[Opening MATERIAL SUPPLIED section]

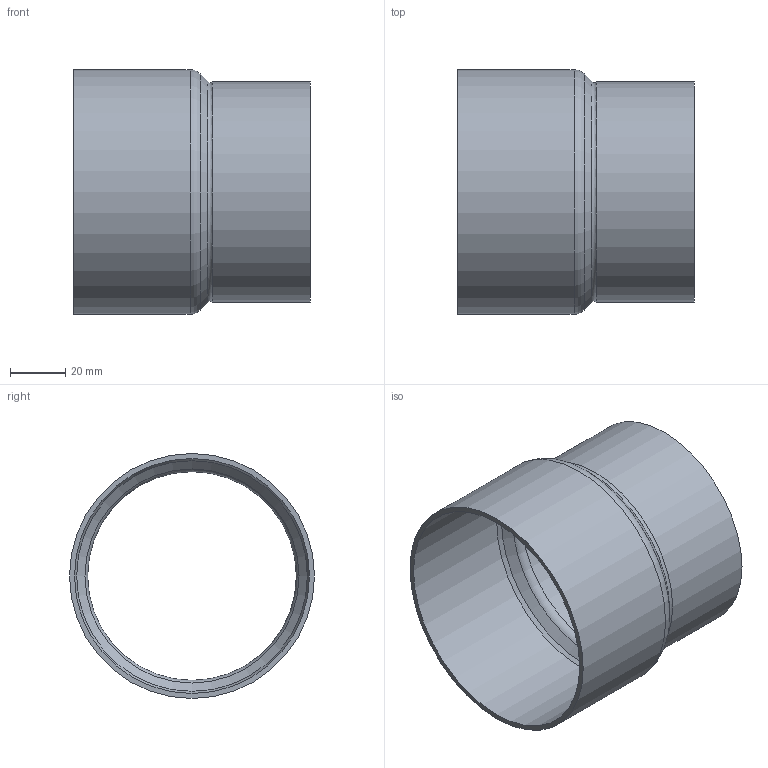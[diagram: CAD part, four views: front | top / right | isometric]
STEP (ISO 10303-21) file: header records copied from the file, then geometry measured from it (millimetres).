
FILE_DESCRIPTION((''),'2;1');
FILE_NAME('G:\Technik\Management\Bouwmaten + markeringen\z-maattekeningen 3D\5000\5243\52438976.stp','2015-03-16T15:44:54',('vdvijverd'),(''),'Autodesk Inventor 2009','Autodesk Inventor 2009','');
FILE_SCHEMA(('AUTOMOTIVE_DESIGN { 1 0 10303 214 1 1 1 1 }'));
Length unit declared in the file: millimetre
Products named in the file (1): 52438976
Bounding box: 86 x 88.9 x 88.9 mm (x, y, z)
Volume: 41241.5 mm3; surface area: 46662 mm2
Topology: 1 solids, 1 shells, 12 faces, 22 edges, 12 vertices
Faces by surface type: cylinder 4, torus 2, cone 2, bspline 2, plane 2
Full cylindrical faces by diameter (mm): 76.3 x1, 79.9 x1, 85.3 x1, 88.9 x1
Entity records: 372 total; most frequent: CARTESIAN_POINT 143, DIRECTION 46, ORIENTED_EDGE 24, EDGE_LOOP 24, AXIS2_PLACEMENT_3D 23, VERTEX_POINT 12, CIRCLE 12, EDGE_CURVE 12
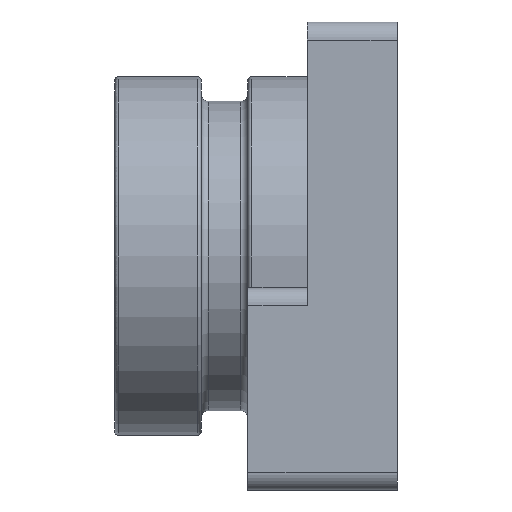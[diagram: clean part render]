
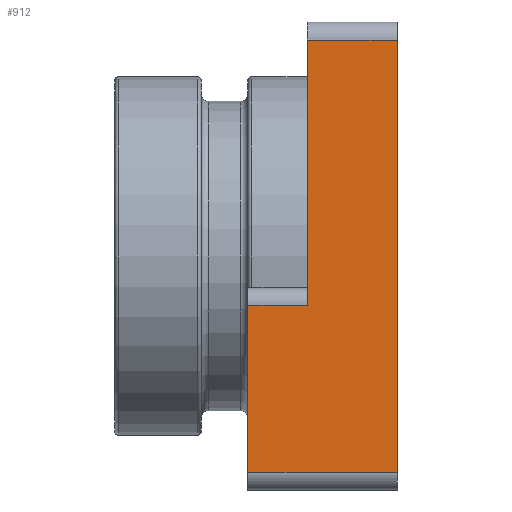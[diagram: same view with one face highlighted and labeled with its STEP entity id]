
A CAD part, left-side view. The second image highlights one B-rep face of the part: STEP entity #912.
In plain terms, the highlighted planar face has unit normal (-1, 0, 0).
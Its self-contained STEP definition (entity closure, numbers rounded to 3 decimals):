
#91 = ORIENTED_EDGE ( 'NONE', *, *, #2157, .T. ) ;
#93 = CARTESIAN_POINT ( 'NONE',  ( -22., -10.3, 13. ) ) ;
#99 = VECTOR ( 'NONE', #1656, 1000. ) ;
#134 = CARTESIAN_POINT ( 'NONE',  ( -22., -11.3, -2.75 ) ) ;
#192 = CARTESIAN_POINT ( 'NONE',  ( -22., -5.3, 12. ) ) ;
#207 = VERTEX_POINT ( 'NONE', #708 ) ;
#227 = EDGE_CURVE ( 'NONE', #816, #686, #2230, .T. ) ;
#232 = AXIS2_PLACEMENT_3D ( 'NONE', #826, #619, #644 ) ;
#293 = DIRECTION ( 'NONE',  ( 0., 0., 1. ) ) ;
#349 = DIRECTION ( 'NONE',  ( 0., 0., 1. ) ) ;
#363 = ORIENTED_EDGE ( 'NONE', *, *, #544, .F. ) ;
#544 = EDGE_CURVE ( 'NONE', #207, #1415, #2558, .T. ) ;
#594 = CARTESIAN_POINT ( 'NONE',  ( -22., -5.3, -13. ) ) ;
#613 = ORIENTED_EDGE ( 'NONE', *, *, #2662, .F. ) ;
#619 = DIRECTION ( 'NONE',  ( -1., 0., 0. ) ) ;
#644 = DIRECTION ( 'NONE',  ( 0., 0., 1. ) ) ;
#686 = VERTEX_POINT ( 'NONE', #2237 ) ;
#708 = CARTESIAN_POINT ( 'NONE',  ( -22., -5.3, -2.75 ) ) ;
#812 = LINE ( 'NONE', #1952, #1259 ) ;
#816 = VERTEX_POINT ( 'NONE', #1846 ) ;
#826 = CARTESIAN_POINT ( 'NONE',  ( -22., -11.3, 13. ) ) ;
#829 = ORIENTED_EDGE ( 'NONE', *, *, #227, .T. ) ;
#912 = ADVANCED_FACE ( 'NONE', ( #2757 ), #2811, .T. ) ;
#975 = CARTESIAN_POINT ( 'NONE',  ( -22., -2., 0. ) ) ;
#1067 = VECTOR ( 'NONE', #2403, 1000. ) ;
#1071 = VERTEX_POINT ( 'NONE', #1564 ) ;
#1138 = CARTESIAN_POINT ( 'NONE',  ( -22., -11.3, -12. ) ) ;
#1189 = VECTOR ( 'NONE', #349, 1000. ) ;
#1202 = DIRECTION ( 'NONE',  ( 0., 0., 1. ) ) ;
#1259 = VECTOR ( 'NONE', #2600, 1000. ) ;
#1314 = CARTESIAN_POINT ( 'NONE',  ( -22., -10.3, 12. ) ) ;
#1377 = EDGE_CURVE ( 'NONE', #1859, #1415, #812, .T. ) ;
#1415 = VERTEX_POINT ( 'NONE', #192 ) ;
#1554 = ORIENTED_EDGE ( 'NONE', *, *, #1377, .T. ) ;
#1564 = CARTESIAN_POINT ( 'NONE',  ( -22., -2., -2.75 ) ) ;
#1614 = LINE ( 'NONE', #93, #2105 ) ;
#1656 = DIRECTION ( 'NONE',  ( 0., 1., 0. ) ) ;
#1846 = CARTESIAN_POINT ( 'NONE',  ( -22., -2., -12. ) ) ;
#1859 = VERTEX_POINT ( 'NONE', #1314 ) ;
#1952 = CARTESIAN_POINT ( 'NONE',  ( -22., -11.3, 12. ) ) ;
#2064 = LINE ( 'NONE', #975, #2635 ) ;
#2105 = VECTOR ( 'NONE', #293, 1000. ) ;
#2157 = EDGE_CURVE ( 'NONE', #686, #1859, #1614, .T. ) ;
#2225 = EDGE_CURVE ( 'NONE', #207, #1071, #2461, .T. ) ;
#2230 = LINE ( 'NONE', #1138, #1067 ) ;
#2237 = CARTESIAN_POINT ( 'NONE',  ( -22., -10.3, -12. ) ) ;
#2277 = EDGE_LOOP ( 'NONE', ( #363, #2618, #613, #829, #91, #1554 ) ) ;
#2403 = DIRECTION ( 'NONE',  ( 0., -1., 0. ) ) ;
#2461 = LINE ( 'NONE', #134, #99 ) ;
#2558 = LINE ( 'NONE', #594, #1189 ) ;
#2600 = DIRECTION ( 'NONE',  ( 0., 1., 0. ) ) ;
#2618 = ORIENTED_EDGE ( 'NONE', *, *, #2225, .T. ) ;
#2635 = VECTOR ( 'NONE', #1202, 1000. ) ;
#2662 = EDGE_CURVE ( 'NONE', #816, #1071, #2064, .T. ) ;
#2757 = FACE_OUTER_BOUND ( 'NONE', #2277, .T. ) ;
#2811 = PLANE ( 'NONE',  #232 ) ;

[Closing MATERIAL SUPPLIED section]

§ **AIM OF THE TASK**
Your answer should consist only of the lines above between the line holding "Its self-contained STEP" and the line holding "#1415 = VERTEX_POINT ( 'NONE', #192 ) ;", inclusive, each transcribed exactly.

§ **PROBLEM SOLUTION**
Its self-contained STEP definition (entity closure, numbers rounded to 3 decimals):
#91 = ORIENTED_EDGE ( 'NONE', *, *, #2157, .T. ) ;
#93 = CARTESIAN_POINT ( 'NONE',  ( -22., -10.3, 13. ) ) ;
#99 = VECTOR ( 'NONE', #1656, 1000. ) ;
#134 = CARTESIAN_POINT ( 'NONE',  ( -22., -11.3, -2.75 ) ) ;
#192 = CARTESIAN_POINT ( 'NONE',  ( -22., -5.3, 12. ) ) ;
#207 = VERTEX_POINT ( 'NONE', #708 ) ;
#227 = EDGE_CURVE ( 'NONE', #816, #686, #2230, .T. ) ;
#232 = AXIS2_PLACEMENT_3D ( 'NONE', #826, #619, #644 ) ;
#293 = DIRECTION ( 'NONE',  ( 0., 0., 1. ) ) ;
#349 = DIRECTION ( 'NONE',  ( 0., 0., 1. ) ) ;
#363 = ORIENTED_EDGE ( 'NONE', *, *, #544, .F. ) ;
#544 = EDGE_CURVE ( 'NONE', #207, #1415, #2558, .T. ) ;
#594 = CARTESIAN_POINT ( 'NONE',  ( -22., -5.3, -13. ) ) ;
#613 = ORIENTED_EDGE ( 'NONE', *, *, #2662, .F. ) ;
#619 = DIRECTION ( 'NONE',  ( -1., 0., 0. ) ) ;
#644 = DIRECTION ( 'NONE',  ( 0., 0., 1. ) ) ;
#686 = VERTEX_POINT ( 'NONE', #2237 ) ;
#708 = CARTESIAN_POINT ( 'NONE',  ( -22., -5.3, -2.75 ) ) ;
#812 = LINE ( 'NONE', #1952, #1259 ) ;
#816 = VERTEX_POINT ( 'NONE', #1846 ) ;
#826 = CARTESIAN_POINT ( 'NONE',  ( -22., -11.3, 13. ) ) ;
#829 = ORIENTED_EDGE ( 'NONE', *, *, #227, .T. ) ;
#912 = ADVANCED_FACE ( 'NONE', ( #2757 ), #2811, .T. ) ;
#975 = CARTESIAN_POINT ( 'NONE',  ( -22., -2., 0. ) ) ;
#1067 = VECTOR ( 'NONE', #2403, 1000. ) ;
#1071 = VERTEX_POINT ( 'NONE', #1564 ) ;
#1138 = CARTESIAN_POINT ( 'NONE',  ( -22., -11.3, -12. ) ) ;
#1189 = VECTOR ( 'NONE', #349, 1000. ) ;
#1202 = DIRECTION ( 'NONE',  ( 0., 0., 1. ) ) ;
#1259 = VECTOR ( 'NONE', #2600, 1000. ) ;
#1314 = CARTESIAN_POINT ( 'NONE',  ( -22., -10.3, 12. ) ) ;
#1377 = EDGE_CURVE ( 'NONE', #1859, #1415, #812, .T. ) ;
#1415 = VERTEX_POINT ( 'NONE', #192 ) ;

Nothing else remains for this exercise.